Yao_2019_Am.J.Physiol.Gastrointest.Liver.Physiol_316_G527

Hepatic steatosis is the beginning phase of nonalcoholic fatty liver disease, and hyperhomocysteinemia (HHcy) is a significant risk factor. Soluble epoxide hydrolase (sEH) hydrolyzes epoxyeicosatrienoic acids (EETs) and other epoxy fatty acids, attenuating their cardiovascular protective effects. However, the involvement of sEH in HHcy-induced hepatic steatosis is unknown. The current study aimed to explore the role of sEH in HHcy-induced lipid disorder. We fed 6-wk-old male mice a chow diet or 2% (wt/wt) high-metnionine diet for 8 wk to establish the HHcy model. A high level of homocysteine induced lipid accumulation in vivo and in vitro, which was concomitant with the increased activity and expression of sEH. Treatment with a highly selective specific sEH inhibitor (0.8 mg.kg(-1).day(-1) for the animal model and 1 muM for cells) prevented HHcy-induced lipid accumulation in vivo and in vitro. Inhibition of sEH activated the peroxisome proliferator-activated receptor-alpha (PPAR-alpha), as evidenced by elevated beta-oxidation of fatty acids and the expression of PPAR-alpha target genes in HHcy-induced hepatic steatosis. In primary cultured hepatocytes, the effect of sEH inhibition on PPAR-alpha activation was further confirmed by a marked increase in PPAR-response element luciferase activity, which was reversed by knock down of PPAR-alpha. Of note, 11,12-EET ligand dependently activated PPAR-alpha.
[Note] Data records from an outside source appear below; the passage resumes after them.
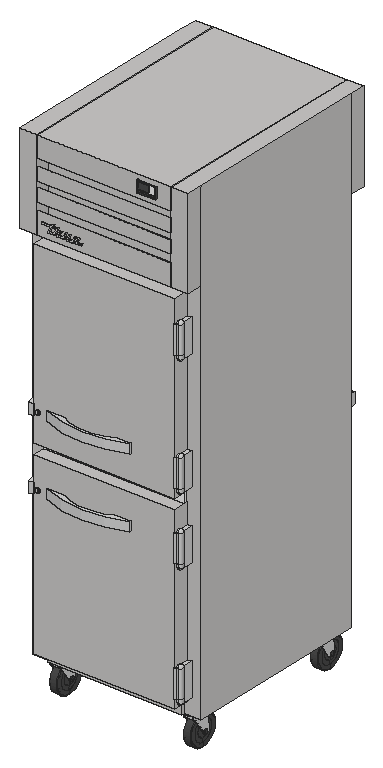
Revit family "QF_TRUE_STG1RPT-2HS-1S-HC", category Specialty Equipment, Revit 2012 (continued)
Automatic sketch dimensions
  Extrusion 6 sketch curve to Extrusion 6 sketch curve = 0.0324"
  Extrusion 6 sketch curve to Extrusion 6 sketch curve = 0.26185"
  Extrusion 6 sketch curve to Extrusion 6 sketch curve = 11/256"
  Extrusion 6 sketch curve to Extrusion 6 sketch curve = 0.07366"
  Extrusion 6 sketch curve to Extrusion 6 sketch curve = 0.02187"
  Extrusion 6 sketch curve to Extrusion 6 sketch curve = 0.06479"
  Extrusion 6 sketch curve to Extrusion 6 sketch curve = 0.01183"
  Extrusion 6 sketch curve to Extrusion 6 sketch curve = 0.05778"
  Extrusion 6 sketch curve to Extrusion 6 sketch curve = 0.53375"
  Extrusion 6 sketch curve to Extrusion 6 sketch curve = 0.23098"
  Extrusion 6 sketch curve to Extrusion 6 sketch curve = 0"
  Extrusion 6 sketch curve to Extrusion 6 sketch curve = 0.05045"
  Extrusion 6 sketch curve to Extrusion 6 sketch curve = 0.09139"
  Extrusion 6 sketch curve to Extrusion 6 sketch curve = 29/128"  (x3)
  Extrusion 9 sketch curve to Extrusion 9 sketch curve = 1/4"  (x2)
  Extrusion 9 sketch curve to Extrusion 9 sketch curve = 0.50669"  (x2)
  Extrusion 9 sketch curve to plane 6 = 0.63926"  (x2)
  Extrusion 9 sketch curve to Extrusion 9 sketch curve = 2 1/2"  (x2)
  level to Extrusion 9 sketch curve = 2.59003"
  Extrusion 9 sketch curve to Extrusion 9 sketch curve = 0.59966"  (x2)
  Extrusion 9 sketch curve to Extrusion 9 sketch curve = 0.07363"
  level to Extrusion 9 sketch curve = 2.5164"
  Extrusion 9 sketch curve to Extrusion 9 sketch curve = 0.32905"
  Extrusion 9 sketch curve to Extrusion 9 sketch curve = 0.60485"  (x2)
  Extrusion 10 sketch curve to Extrusion 10 sketch curve = 1/4"  (x2)
  Extrusion 10 sketch curve to Extrusion 10 sketch curve = 0.50669"  (x2)
  Extrusion 10 sketch curve to plane 6 = 0.63926"  (x2)
  Extrusion 10 sketch curve to Extrusion 10 sketch curve = 2 1/2"  (x2)
  level to Extrusion 10 sketch curve = 2.59003"
  Extrusion 10 sketch curve to Extrusion 10 sketch curve = 0.59966"  (x2)
  Extrusion 10 sketch curve to Extrusion 10 sketch curve = 0.07363"
  level to Extrusion 10 sketch curve = 2.5164"
  Extrusion 10 sketch curve to Extrusion 10 sketch curve = 0.32905"
  Extrusion 10 sketch curve to Extrusion 10 sketch curve = 0.60485"  (x2)
  Extrusion 15 sketch curve to Extrusion 15 sketch curve = 1/4"  (x2)
  Extrusion 15 sketch curve to plane 6 = 0.63926"  (x2)
  Extrusion 15 sketch curve to Extrusion 15 sketch curve = 2 1/2"  (x2)
  Extrusion 15 sketch curve to plane 6 = 0.93273"  (x2)
  Extrusion 15 sketch curve to Extrusion 15 sketch curve = 0.03603"
  Extrusion 15 sketch curve to plane 6 = 1.24411"
  plane 2 "LEFT" to Revolve 16 sketch curve = 1.33602"
  Revolve 16 sketch curve to Revolve 16 sketch curve = 0.48273"
  Revolve 16 sketch curve to Revolve 16 sketch curve = 0.1"  (x2)
  Revolve 16 sketch curve to Revolve 16 sketch curve = 0.16101"  (x2)
  Revolve 16 sketch curve to Revolve 16 sketch curve = 1/2"
  Revolve 16 sketch curve to Revolve 16 sketch curve = 0.16509"  (x2)
  Revolve 16 sketch curve to Revolve 16 sketch curve = 0.39592"
  level to Revolve 16 sketch curve = 2 1/2"
  Revolve 16 sketch curve to Revolve 16 sketch curve = 0"
  Revolve 16 sketch curve to Revolve 16 sketch curve = 0.29941"  (x2)
  Revolve 16 sketch curve to Revolve 16 sketch curve = 3/4"  (x4)
  Revolve 16 sketch curve to Revolve 16 sketch curve = 0.59652"
  Revolve 16 sketch curve to Revolve 16 sketch curve = 0.60059"
  Extrusion 17 sketch curve to Extrusion 17 sketch curve = 1/4"  (x2)
  Extrusion 17 sketch curve to Extrusion 17 sketch curve = 0.50669"  (x2)
  Extrusion 17 sketch curve to plane 6 = 0.63926"  (x2)
  Extrusion 17 sketch curve to Extrusion 17 sketch curve = 2 1/2"  (x2)
  level to Extrusion 17 sketch curve = 2.59003"
  Extrusion 17 sketch curve to Extrusion 17 sketch curve = 0.59966"  (x2)
  Extrusion 17 sketch curve to Extrusion 17 sketch curve = 0.07363"
  level to Extrusion 17 sketch curve = 2.5164"
  Extrusion 17 sketch curve to Extrusion 17 sketch curve = 0.32905"
  Extrusion 17 sketch curve to Extrusion 17 sketch curve = 0.60485"  (x2)
  Extrusion 18 sketch curve to Extrusion 18 sketch curve = 1/4"  (x2)
  Extrusion 18 sketch curve to Extrusion 18 sketch curve = 0.50669"  (x2)
  Extrusion 18 sketch curve to plane 6 = 0.63926"  (x2)
  Extrusion 18 sketch curve to Extrusion 18 sketch curve = 2 1/2"  (x2)
  level to Extrusion 18 sketch curve = 2.59003"
  Extrusion 18 sketch curve to Extrusion 18 sketch curve = 0.59966"  (x2)
  Extrusion 18 sketch curve to Extrusion 18 sketch curve = 0.07363"
  level to Extrusion 18 sketch curve = 2.5164"
  Extrusion 18 sketch curve to Extrusion 18 sketch curve = 0.32905"
  Extrusion 18 sketch curve to Extrusion 18 sketch curve = 0.60485"  (x2)
  Revolve 19 sketch curve to plane 6 = 0.62954"
  Revolve 19 sketch curve to Revolve 19 sketch curve = 0.10278"
  Revolve 19 sketch curve to plane 6 = 0.00141"
  plane 6 to Revolve 19 sketch curve = 0.26768"
  Revolve 20 sketch curve to level = 0"
  Revolve 20 sketch curve to Revolve 20 sketch curve = 1/4"
  Revolve 20 sketch curve to plane 6 = 0"
  level to Revolve 20 sketch curve = 1"
  Revolve 20 sketch curve to Revolve 20 sketch curve = 5/8"
  plane 6 to Revolve 20 sketch curve = 1 25/32"
  Revolve 21 sketch curve to level = 0"
  Revolve 21 sketch curve to Revolve 21 sketch curve = 1/4"
  Revolve 21 sketch curve to plane 6 = 0"
  level to Revolve 21 sketch curve = 1"
  Revolve 21 sketch curve to Revolve 21 sketch curve = 5/8"
  plane 6 to Revolve 21 sketch curve = 1 25/32"
  Revolve 22 sketch curve to plane 6 = 0.62954"
  Revolve 22 sketch curve to Revolve 22 sketch curve = 0.10278"
  Revolve 22 sketch curve to plane 6 = 0.00141"
  plane 6 to Revolve 22 sketch curve = 0.26768"
  Extrusion 23 sketch curve to Extrusion 23 sketch curve = 1/4"  (x2)
  Extrusion 23 sketch curve to plane 6 = 0.63926"  (x2)
  Extrusion 23 sketch curve to Extrusion 23 sketch curve = 2 1/2"  (x2)
  Extrusion 23 sketch curve to plane 6 = 0.93273"  (x2)
  Extrusion 23 sketch curve to Extrusion 23 sketch curve = 0.03603"
  Extrusion 23 sketch curve to plane 6 = 1.24411"
  plane 2 "LEFT" to Extrusion 26 sketch curve = 3/64"
  Extrusion 27 sketch curve to Extrusion 27 sketch curve = 0.20453"
  Extrusion 27 sketch curve to plane 5 "TOP" = 19.57271"
  Extrusion 27 sketch curve to Extrusion 27 sketch curve = 4.39928"
  Extrusion 27 sketch curve to Extrusion 27 sketch curve = 0.71221"
  Revolve 28 sketch curve to Revolve 28 sketch curve = 0.40666"
  Revolve 28 sketch curve to Revolve 28 sketch curve = 0"  (x2)
  Revolve 28 sketch curve to plane 5 "TOP" = 18.75492"
  Revolve 28 sketch curve to Revolve 28 sketch curve = 0.55526"
  Revolve 28 sketch curve to Revolve 28 sketch curve = 0.19474"
  Revolve 28 sketch curve to Revolve 28 sketch curve = 0.14649"
  Revolve 28 sketch curve to Revolve 28 sketch curve = 4.42889"
  Revolve 28 sketch curve to Revolve 28 sketch curve = 0.05342"
  Revolve 28 sketch curve to Revolve 28 sketch curve = 0.51246"
  Revolve 28 sketch curve to Revolve 28 sketch curve = 0.05889"
  Extrusion 29 sketch curve to Extrusion 29 sketch curve = 0.39759"
  Extrusion 29 sketch curve to plane 5 "TOP" = 19.6514"
  Extrusion 29 sketch curve to Extrusion 29 sketch curve = 4.47281"
  Extrusion 30 sketch curve to Extrusion 30 sketch curve = 0.20453"
  plane 6 to Extrusion 30 sketch curve = 38.92729"
  Extrusion 30 sketch curve to Extrusion 30 sketch curve = 4.39928"
  Extrusion 30 sketch curve to Extrusion 30 sketch curve = 0.71221"
  Revolve 31 sketch curve to Revolve 31 sketch curve = 0.40666"
  Revolve 31 sketch curve to Revolve 31 sketch curve = 0"  (x2)
  Revolve 31 sketch curve to plane 5 "TOP" = 38.25492"
  Revolve 31 sketch curve to Revolve 31 sketch curve = 0.55526"
  Revolve 31 sketch curve to Revolve 31 sketch curve = 0.19474"
  Revolve 31 sketch curve to Revolve 31 sketch curve = 0.14649"
  Revolve 31 sketch curve to Revolve 31 sketch curve = 4.42889"
  Revolve 31 sketch curve to Revolve 31 sketch curve = 0.05342"
  Revolve 31 sketch curve to Revolve 31 sketch curve = 0.51246"
  Revolve 31 sketch curve to Revolve 31 sketch curve = 0.05889"
  Extrusion 32 sketch curve to Extrusion 32 sketch curve = 0.39759"
  plane 6 to Extrusion 32 sketch curve = 38.8486"
  Extrusion 32 sketch curve to Extrusion 32 sketch curve = 4.47281"
  Extrusion 33 sketch curve to Extrusion 33 sketch curve = 0.20453"
  plane 6 to Extrusion 33 sketch curve = 27.92729"
  Extrusion 33 sketch curve to Extrusion 33 sketch curve = 4.39928"
  Extrusion 33 sketch curve to Extrusion 33 sketch curve = 0.71221"
  Revolve 34 sketch curve to Revolve 34 sketch curve = 0.40666"
  Revolve 34 sketch curve to Revolve 34 sketch curve = 0"  (x2)
  plane 6 to Revolve 34 sketch curve = 28.74508"
  Revolve 34 sketch curve to Revolve 34 sketch curve = 0.55526"
  Revolve 34 sketch curve to Revolve 34 sketch curve = 0.19474"
  Revolve 34 sketch curve to Revolve 34 sketch curve = 0.14649"
  Revolve 34 sketch curve to Revolve 34 sketch curve = 4.42889"
  Revolve 34 sketch curve to Revolve 34 sketch curve = 0.05342"
  Revolve 34 sketch curve to Revolve 34 sketch curve = 0.51246"
  Revolve 34 sketch curve to Revolve 34 sketch curve = 0.05889"
  Extrusion 35 sketch curve to Extrusion 35 sketch curve = 0.39759"
  plane 6 to Extrusion 35 sketch curve = 27.8486"
  Extrusion 35 sketch curve to Extrusion 35 sketch curve = 4.47281"
  Extrusion 36 sketch curve to Extrusion 36 sketch curve = 0.20453"
  plane 6 to Extrusion 36 sketch curve = 8.17729"
  plane 6 to Extrusion 36 sketch curve = 3.57348"
  Extrusion 36 sketch curve to Extrusion 36 sketch curve = 0.75105"
  Revolve 37 sketch curve to Revolve 37 sketch curve = 0"
  plane 6 to Revolve 37 sketch curve = 8.99508"
  Revolve 37 sketch curve to Revolve 37 sketch curve = 0.55526"
  Revolve 37 sketch curve to Revolve 37 sketch curve = 0.19474"
  Revolve 37 sketch curve to Revolve 37 sketch curve = 0.14649"
  plane 6 to Revolve 37 sketch curve = 3.62689"
  Revolve 37 sketch curve to Revolve 37 sketch curve = 0.05342"
  Revolve 37 sketch curve to Revolve 37 sketch curve = 0.51246"
  Revolve 37 sketch curve to Revolve 37 sketch curve = 0.05889"
  Extrusion 38 sketch curve to Extrusion 38 sketch curve = 0.39759"
  plane 6 to Extrusion 38 sketch curve = 8.0986"
  plane 6 to Extrusion 38 sketch curve = 3.62579"
  Extrusion 43 sketch curve to Extrusion 43 sketch curve = 0.20453"
  Extrusion 43 sketch curve to plane 5 "TOP" = 19.66646"
  Extrusion 43 sketch curve to Extrusion 43 sketch curve = 4.39928"
  Extrusion 43 sketch curve to Extrusion 43 sketch curve = 0.71221"
  Revolve 44 sketch curve to Revolve 44 sketch curve = 0.40666"
  Revolve 44 sketch curve to Revolve 44 sketch curve = 0"  (x2)
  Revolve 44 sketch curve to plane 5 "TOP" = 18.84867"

Thus increased sEH activity is a key determinant in the pathogenesis of HHcy-induced hepatic steatosis, and sEH inhibition could be an effective treatment for HHcy-induced hepatic steatosis. NEW & NOTEWORTHY In the current study, we demonstrated that upregulation of soluble epoxide hydrolase (sEH) is involved in the hyperhomocysteinemia (HHcy)-caused hepatic steatosis in an HHcy mouse model and in murine primary hepatocytes. Improving hepatic steatosis in HHcy mice by pharmacological inhibition of sEH to activate peroxisome proliferator-activated receptor-alpha was ligand dependent, and sEH could be a potential therapeutic target for the treatment of nonalcoholic fatty liver disease.